Sekt

SEKT

2021 RIESLING brut

Die große deutsche Weissweinrebsorte Riesling eignet sich aufgrund ihrer natürlich hohen Säure ganz vorzüglich zur Schaumweinbereitung. Unsere Intention war es von Anfang an einen Sekt zu kreieren, der nicht fruchtbetont ist, sich aber elegant und seriös präsentiert. Für unseren Zwo Sume Riesling Sekt haben wir deshalb eine Parzelle mit einem ganz besonderen Bodenprofil ausgesucht. Die Reben wachsen hier auf kargen Muschelkalkböden. Dieses Terroir lässt mineralische Grundweine mit verhaltener Frucht entstehen. Diese Eigenschaften erhalten wir durch Handlese und fraktionierte Ganztraubenpressung. Vergoren wird ausschließlich in Edelstahltanks. Für unseren Riesling Sekt wünschen wir uns Präzision und Saftigkeit. Deshalb schwefeln wir unseren Grundwein kurz vor Weihnachten und vermeiden so die malolaktische Gärung. Auf der Feinhefe reift der Grundwein dann bis zur Tiragefüllung im Mai. In dieser Zeit sedimentiert der Jungwein so gut, dass wir auf Filtration gänzlich verzichten können. Unser Riesling Sekt reift mindestens 18 Monate vor dem Degorgement auf der Flasche.

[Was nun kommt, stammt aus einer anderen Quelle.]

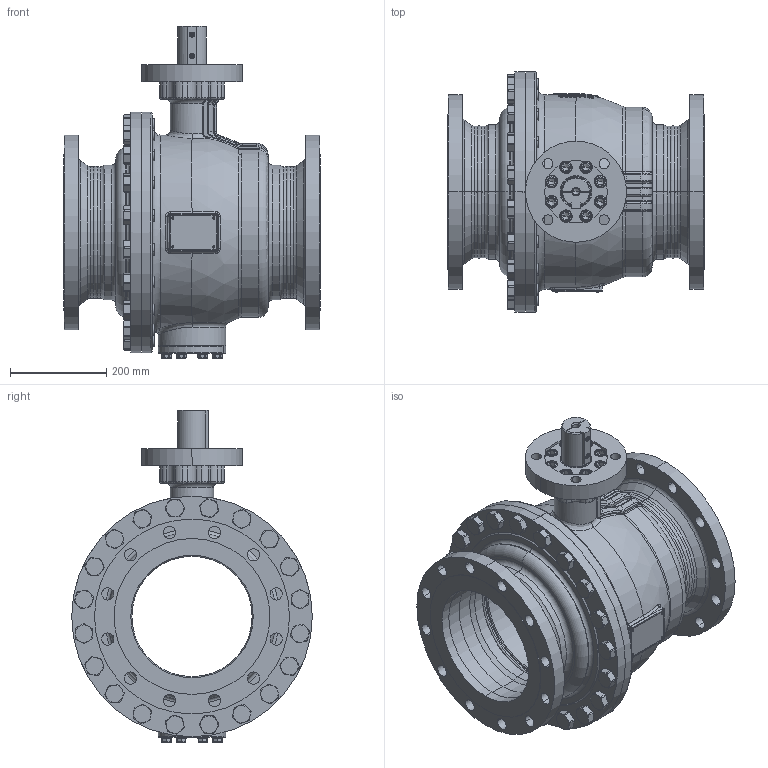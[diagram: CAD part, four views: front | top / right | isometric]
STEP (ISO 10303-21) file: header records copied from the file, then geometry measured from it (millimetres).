
FILE_DESCRIPTION((''),'2;1');
FILE_NAME('KHI-F_250_CL150-F16-P_SW0001','2026-02-05T14:07:47',('fischerkl'),('KLINGER'),'CREO PARAMETRIC BY PTC INC, 2023014','CREO PARAMETRIC BY PTC INC, 2023014','');
FILE_SCHEMA(('CONFIG_CONTROL_DESIGN'));
Products named in the file (1): KHI-F_250_CL150-F16-P_SW0001
Bounding box: 533 x 500 x 689.8 mm (x, y, z)
Volume: 22310057.6 mm3; surface area: 3346191.7 mm2
Topology: 1 solids, 4 shells, 3277 faces, 8305 edges, 5174 vertices
Faces by surface type: plane 1683, cylinder 768, cone 387, torus 312, bspline 97, sphere 30
Entity records: 134218 total; most frequent: CARTESIAN_POINT 56234, ORIENTED_EDGE 16550, DIRECTION 16034, EDGE_CURVE 8275, AXIS2_PLACEMENT_3D 6057, VERTEX_POINT 5174, VECTOR 3920, LINE 3920
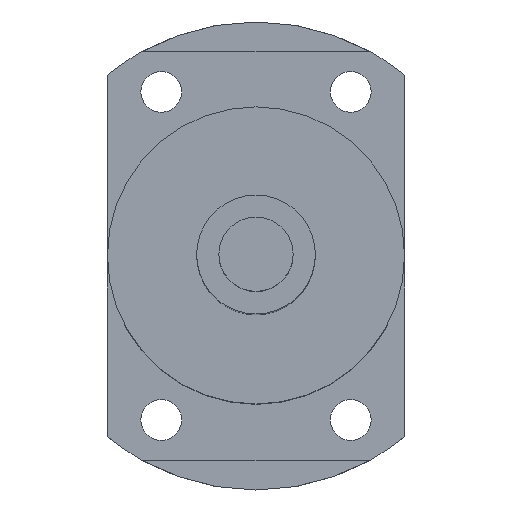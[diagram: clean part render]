
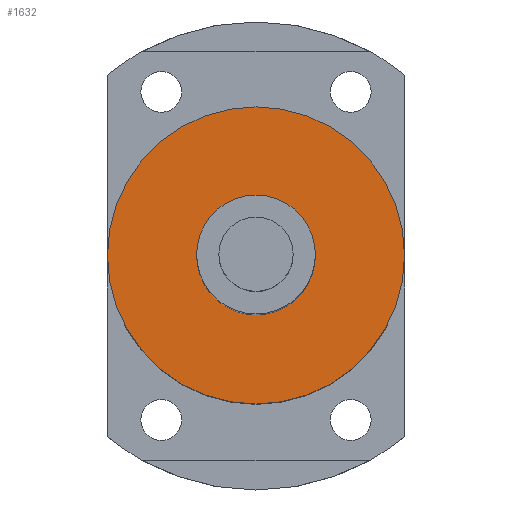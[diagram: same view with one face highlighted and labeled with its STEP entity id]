
A CAD part, top view. The second image highlights one B-rep face of the part: STEP entity #1632.
In plain terms, the highlighted planar face has unit normal (0, 0, 1).
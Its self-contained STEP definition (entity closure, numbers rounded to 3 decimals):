
#503=CARTESIAN_POINT('',(0.,0.,175.5));
#504=DIRECTION('',(0.,0.,1.));
#505=DIRECTION('',(1.,0.,0.));
#506=AXIS2_PLACEMENT_3D('',#503,#504,#505);
#508=CARTESIAN_POINT('',(0.,0.,175.5));
#509=DIRECTION('',(0.,0.,1.));
#510=DIRECTION('',(-1.,0.,0.));
#511=AXIS2_PLACEMENT_3D('',#508,#509,#510);
#513=CARTESIAN_POINT('',(0.,0.,175.5));
#514=DIRECTION('',(0.,0.,1.));
#515=DIRECTION('',(1.,0.,0.));
#516=AXIS2_PLACEMENT_3D('',#513,#514,#515);
#518=CARTESIAN_POINT('',(0.,0.,175.5));
#519=DIRECTION('',(0.,0.,1.));
#520=DIRECTION('',(-1.,0.,0.));
#521=AXIS2_PLACEMENT_3D('',#518,#519,#520);
#757=CARTESIAN_POINT('',(20.,0.,175.5));
#758=CARTESIAN_POINT('',(-20.,0.,175.5));
#759=VERTEX_POINT('',#757);
#760=VERTEX_POINT('',#758);
#769=CARTESIAN_POINT('',(8.,0.,175.5));
#770=CARTESIAN_POINT('',(-8.,0.,175.5));
#771=VERTEX_POINT('',#769);
#772=VERTEX_POINT('',#770);
#1617=CARTESIAN_POINT('',(0.,0.,175.5));
#1618=DIRECTION('',(0.,0.,1.));
#1619=DIRECTION('',(1.,0.,0.));
#1620=AXIS2_PLACEMENT_3D('',#1617,#1618,#1619);
#1621=PLANE('',#1620);
#1622=ORIENTED_EDGE('',*,*,#1597,.F.);
#1623=ORIENTED_EDGE('',*,*,#1611,.F.);
#1624=EDGE_LOOP('',(#1622,#1623));
#1625=FACE_OUTER_BOUND('',#1624,.F.);
#1627=ORIENTED_EDGE('',*,*,#1626,.T.);
#1629=ORIENTED_EDGE('',*,*,#1628,.T.);
#1630=EDGE_LOOP('',(#1627,#1629));
#1631=FACE_BOUND('',#1630,.F.);
#1632=ADVANCED_FACE('',(#1625,#1631),#1621,.T.);
#507=CIRCLE('',#506,20.);
#512=CIRCLE('',#511,20.);
#517=CIRCLE('',#516,8.);
#522=CIRCLE('',#521,8.);
#1597=EDGE_CURVE('',#759,#760,#507,.T.);
#1611=EDGE_CURVE('',#760,#759,#512,.T.);
#1626=EDGE_CURVE('',#771,#772,#517,.T.);
#1628=EDGE_CURVE('',#772,#771,#522,.T.);
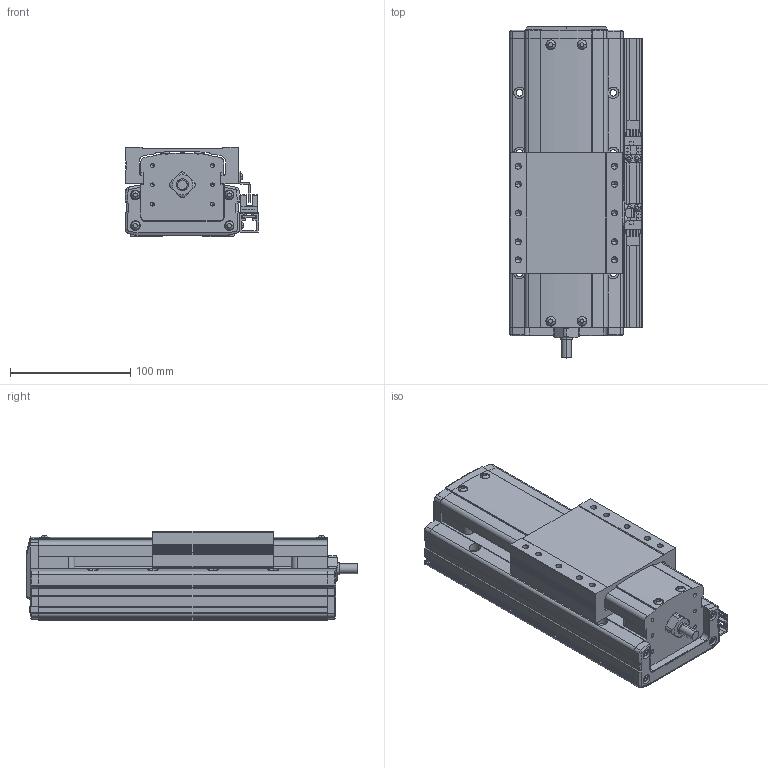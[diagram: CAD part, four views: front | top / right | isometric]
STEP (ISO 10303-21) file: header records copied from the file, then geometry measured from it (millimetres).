
FILE_DESCRIPTION(('STEP AP214'),'1');
FILE_NAME('Z:/Web/3D/PSA95/STP/PSA95-050 (3D)/PSA95ㅁㅁ-050S+2SR.stp','2014-07-02T23:27:03',(' '),(' '),'Spatial InterOp 3D',' ',' ');
FILE_SCHEMA(('automotive_design'));
Length unit declared in the file: millimetre
Products named in the file (32): BASE; RRCV; 스크루 : Round - M4.0 x 10.0; 너트 : Square - M10.0 x 220.7419; RR1500; FRCV-090; 스크루 : Round - M4.0 x 6.0; SLBL-PA90; EE-SX674; SBK-SX674-352; 스크루 : Round - M3.0 x 6.0; M3.0 x 6.0; SRL-16x17-380L; SGD-PA95; 스크루 : Round - M3.0 x 8.0
Bounding box: 111 x 276 x 74 mm (x, y, z)
Volume: 1475660.6 mm3; surface area: 220115.6 mm2
Topology: 32 solids, 32 shells, 2013 faces, 5412 edges, 3513 vertices
Faces by surface type: plane 1261, cylinder 529, cone 139, sphere 46, bspline 24, torus 14
Entity records: 81681 total; most frequent: CARTESIAN_POINT 13923, ORIENTED_EDGE 10700, DIRECTION 10646, EDGE_CURVE 5350, LINE 3802, VECTOR 3802, VERTEX_POINT 3513, AXIS2_PLACEMENT_3D 3422
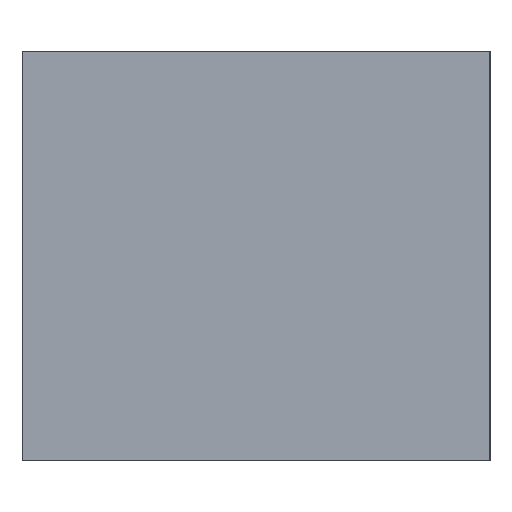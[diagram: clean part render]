
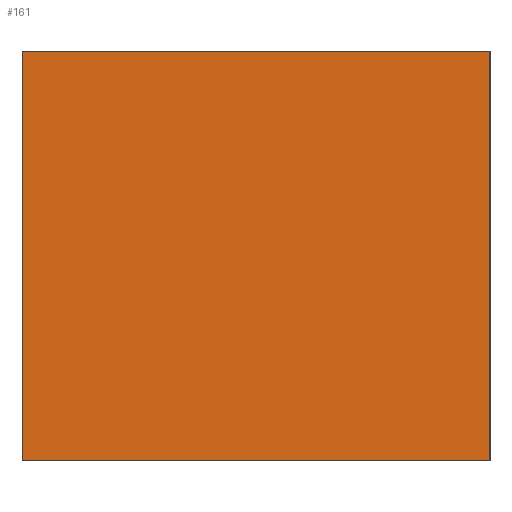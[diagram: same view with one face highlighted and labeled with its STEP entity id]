
A CAD part, front view. The second image highlights one B-rep face of the part: STEP entity #161.
In plain terms, the highlighted planar face has unit normal (0, -1, 0).
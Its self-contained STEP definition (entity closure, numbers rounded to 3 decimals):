
#161=ADVANCED_FACE('',(#271),#273,.T.);
#271=FACE_BOUND('',#272,.T.);
#272=EDGE_LOOP('',(#349,#350,#351,#352));
#273=PLANE('',#274);
#274=AXIS2_PLACEMENT_3D('',#275,#276,#277);
#275=CARTESIAN_POINT('',(-31.,-122.,0.));
#276=DIRECTION('',(0.,-1.,0.));
#277=DIRECTION('',(1.,0.,0.));
#349=ORIENTED_EDGE('',*,*,#359,.T.);
#350=ORIENTED_EDGE('',*,*,#391,.T.);
#351=ORIENTED_EDGE('',*,*,#370,.F.);
#352=ORIENTED_EDGE('',*,*,#392,.F.);
#359=EDGE_CURVE('',#398,#396,#399,.T.);
#370=EDGE_CURVE('',#418,#420,#421,.T.);
#391=EDGE_CURVE('',#396,#420,#451,.T.);
#392=EDGE_CURVE('',#398,#418,#452,.T.);
#396=VERTEX_POINT('',#458);
#398=VERTEX_POINT('',#462);
#399=LINE('',#463,#464);
#418=VERTEX_POINT('',#506);
#420=VERTEX_POINT('',#510);
#421=LINE('',#511,#512);
#451=LINE('',#587,#588);
#452=LINE('',#590,#591);
#458=CARTESIAN_POINT('',(1.,-122.,0.));
#462=CARTESIAN_POINT('',(-31.,-122.,0.));
#463=CARTESIAN_POINT('',(-31.,-122.,0.));
#464=VECTOR('',#465,1.);
#465=DIRECTION('',(1.,0.,0.));
#506=CARTESIAN_POINT('',(-31.,-122.,28.));
#510=CARTESIAN_POINT('',(1.,-122.,28.));
#511=CARTESIAN_POINT('',(-31.,-122.,28.));
#512=VECTOR('',#513,1.);
#513=DIRECTION('',(1.,0.,0.));
#587=CARTESIAN_POINT('',(1.,-122.,0.));
#588=VECTOR('',#589,1.);
#589=DIRECTION('',(0.,0.,1.));
#590=CARTESIAN_POINT('',(-31.,-122.,0.));
#591=VECTOR('',#592,1.);
#592=DIRECTION('',(0.,0.,1.));
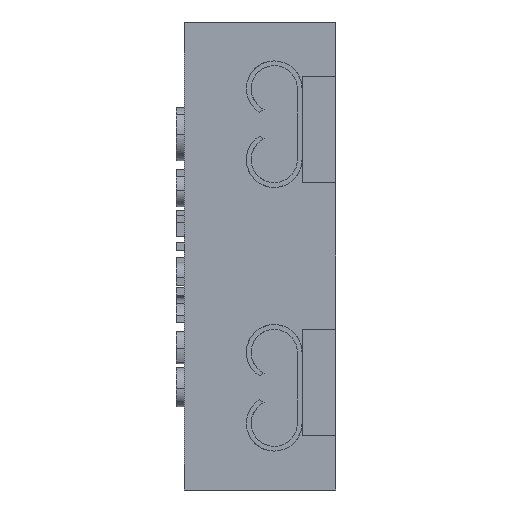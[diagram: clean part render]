
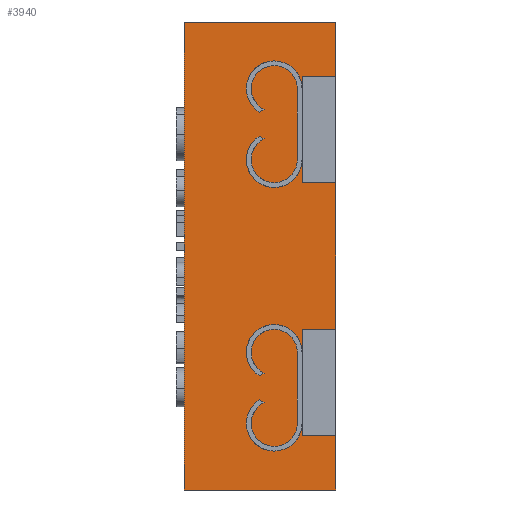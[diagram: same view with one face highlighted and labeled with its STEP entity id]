
A CAD part, front view. The second image highlights one B-rep face of the part: STEP entity #3940.
In plain terms, the highlighted planar face has unit normal (0, -1, 0).
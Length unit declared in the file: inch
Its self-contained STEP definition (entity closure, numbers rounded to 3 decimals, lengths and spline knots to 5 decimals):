
#337=FACE_OUTER_BOUND('',#559,.T.);
#559=EDGE_LOOP('',(#2613,#2614,#2615,#2616,#2617,#2618,#2619,#2620,#2621,
#2622,#2623,#2624));
#789=LINE('',#5317,#1195);
#793=LINE('',#5325,#1199);
#796=LINE('',#5331,#1202);
#800=LINE('',#5339,#1206);
#801=LINE('',#5341,#1207);
#802=LINE('',#5343,#1208);
#803=LINE('',#5345,#1209);
#804=LINE('',#5347,#1210);
#805=LINE('',#5349,#1211);
#806=LINE('',#5351,#1212);
#807=LINE('',#5353,#1213);
#808=LINE('',#5354,#1214);
#1195=VECTOR('',#4468,0.3937);
#1199=VECTOR('',#4474,0.3937);
#1202=VECTOR('',#4479,0.3937);
#1206=VECTOR('',#4487,0.3937);
#1207=VECTOR('',#4488,0.3937);
#1208=VECTOR('',#4489,0.3937);
#1209=VECTOR('',#4490,0.3937);
#1210=VECTOR('',#4491,0.3937);
#1211=VECTOR('',#4492,0.3937);
#1212=VECTOR('',#4493,0.3937);
#1213=VECTOR('',#4494,0.3937);
#1214=VECTOR('',#4495,0.3937);
#1601=VERTEX_POINT('',#5315);
#1602=VERTEX_POINT('',#5316);
#1605=VERTEX_POINT('',#5324);
#1607=VERTEX_POINT('',#5330);
#1609=VERTEX_POINT('',#5338);
#1610=VERTEX_POINT('',#5340);
#1611=VERTEX_POINT('',#5342);
#1612=VERTEX_POINT('',#5344);
#1613=VERTEX_POINT('',#5346);
#1614=VERTEX_POINT('',#5348);
#1615=VERTEX_POINT('',#5350);
#1616=VERTEX_POINT('',#5352);
#1997=EDGE_CURVE('',#1601,#1602,#789,.T.);
#2001=EDGE_CURVE('',#1605,#1601,#793,.T.);
#2004=EDGE_CURVE('',#1607,#1605,#796,.T.);
#2008=EDGE_CURVE('',#1609,#1602,#800,.T.);
#2009=EDGE_CURVE('',#1609,#1610,#801,.T.);
#2010=EDGE_CURVE('',#1610,#1611,#802,.T.);
#2011=EDGE_CURVE('',#1611,#1612,#803,.T.);
#2012=EDGE_CURVE('',#1613,#1612,#804,.T.);
#2013=EDGE_CURVE('',#1614,#1613,#805,.T.);
#2014=EDGE_CURVE('',#1615,#1614,#806,.T.);
#2015=EDGE_CURVE('',#1616,#1615,#807,.T.);
#2016=EDGE_CURVE('',#1607,#1616,#808,.T.);
#2613=ORIENTED_EDGE('',*,*,#2004,.T.);
#2614=ORIENTED_EDGE('',*,*,#2001,.T.);
#2615=ORIENTED_EDGE('',*,*,#1997,.T.);
#2616=ORIENTED_EDGE('',*,*,#2008,.F.);
#2617=ORIENTED_EDGE('',*,*,#2009,.T.);
#2618=ORIENTED_EDGE('',*,*,#2010,.T.);
#2619=ORIENTED_EDGE('',*,*,#2011,.T.);
#2620=ORIENTED_EDGE('',*,*,#2012,.F.);
#2621=ORIENTED_EDGE('',*,*,#2013,.F.);
#2622=ORIENTED_EDGE('',*,*,#2014,.F.);
#2623=ORIENTED_EDGE('',*,*,#2015,.F.);
#2624=ORIENTED_EDGE('',*,*,#2016,.F.);
#3801=PLANE('',#4246);
#3940=ADVANCED_FACE('',(#337),#3801,.T.);
#4246=AXIS2_PLACEMENT_3D('',#5337,#4485,#4486);
#4468=DIRECTION('',(1.,0.,0.));
#4474=DIRECTION('',(0.,0.,1.));
#4479=DIRECTION('',(-1.,0.,0.));
#4485=DIRECTION('center_axis',(0.,-1.,0.));
#4486=DIRECTION('ref_axis',(0.,0.,-1.));
#4487=DIRECTION('',(0.,0.,-1.));
#4488=DIRECTION('',(-1.,0.,0.));
#4489=DIRECTION('',(0.,0.,1.));
#4490=DIRECTION('',(1.,0.,0.));
#4491=DIRECTION('',(0.,0.,-1.));
#4492=DIRECTION('',(1.,0.,0.));
#4493=DIRECTION('',(0.,0.,1.));
#4494=DIRECTION('',(-1.,0.,0.));
#4495=DIRECTION('',(0.,0.,-1.));
#5315=CARTESIAN_POINT('',(0.05236,0.,-0.09094));
#5316=CARTESIAN_POINT('',(0.09449,0.,-0.09094));
#5317=CARTESIAN_POINT('',(0.02618,0.,-0.09094));
#5324=CARTESIAN_POINT('',(0.05236,0.,-0.22362));
#5325=CARTESIAN_POINT('',(0.05236,0.,-0.11181));
#5330=CARTESIAN_POINT('',(0.09449,0.,-0.22362));
#5331=CARTESIAN_POINT('',(0.04724,0.,-0.22362));
#5337=CARTESIAN_POINT('Origin',(0.,0.,0.));
#5338=CARTESIAN_POINT('',(0.09449,0.,0.09094));
#5339=CARTESIAN_POINT('',(0.09449,0.,0.29134));
#5340=CARTESIAN_POINT('',(0.05236,0.,0.09094));
#5341=CARTESIAN_POINT('',(0.02618,0.,0.09094));
#5342=CARTESIAN_POINT('',(0.05236,0.,0.22362));
#5343=CARTESIAN_POINT('',(0.05236,0.,0.11181));
#5344=CARTESIAN_POINT('',(0.09449,0.,0.22362));
#5345=CARTESIAN_POINT('',(0.04724,0.,0.22362));
#5346=CARTESIAN_POINT('',(0.09449,0.,0.29134));
#5347=CARTESIAN_POINT('',(0.09449,0.,0.29134));
#5348=CARTESIAN_POINT('',(-0.09449,0.,0.29134));
#5349=CARTESIAN_POINT('',(-0.09449,0.,0.29134));
#5350=CARTESIAN_POINT('',(-0.09449,0.,-0.29134));
#5351=CARTESIAN_POINT('',(-0.09449,0.,-0.29134));
#5352=CARTESIAN_POINT('',(0.09449,0.,-0.29134));
#5353=CARTESIAN_POINT('',(0.09449,0.,-0.29134));
#5354=CARTESIAN_POINT('',(0.09449,0.,0.29134));

2020 PINOT NOIR Blanc de Noir brut

Mit einem Pinot Noir Blanc de Noir fing alles an. Denn 10 Jahre lang produzierten wir genau diesen Sekt in Mikro Chargen für Freunde und Bekannte, bevor wir Zwo Sume gründeten. In dieser Zeit erlernten wir den perfekten Umgang mit den, auf den Heidelberger Hängen gewachsenen Pinot Trauben. Die tiefgründigen Löss- und Buntsandsteinböden sind dabei wie geschaffen um säurebetonte und gut strukturierte Trauben zu erzeugen. Handlese und eine fraktionierte Ganztraubenpressung sind im Herbst essentiell. So können wir filigrane Grundweine erzeugen, welche ein langes Reifepotential versprechen. Für uns zeichnen sich Burgundersekte immer durch eine ganz besondere Cremigkeit aus. Deshalb erlauben wir unserem Pinot Noir Blanc de Noir eine malolaktische Gärung zu durchlaufen. Bis zur Tirage Füllung im Mai, reift der Grundwein ohne Schwefel auf der Vollhefe. In dieser Zeit sedimentiert der Jungwein so gut, dass wir auf Filtration gänzlich verzichten können.  Bei unserem Blanc de Noir streben wir eine Flaschenreife von drei Jahren vor dem Degorgement an, wobei wir uns in Einzelfällen auch schonmal dazu entschlossen haben, einige Monate früher zu degorgieren.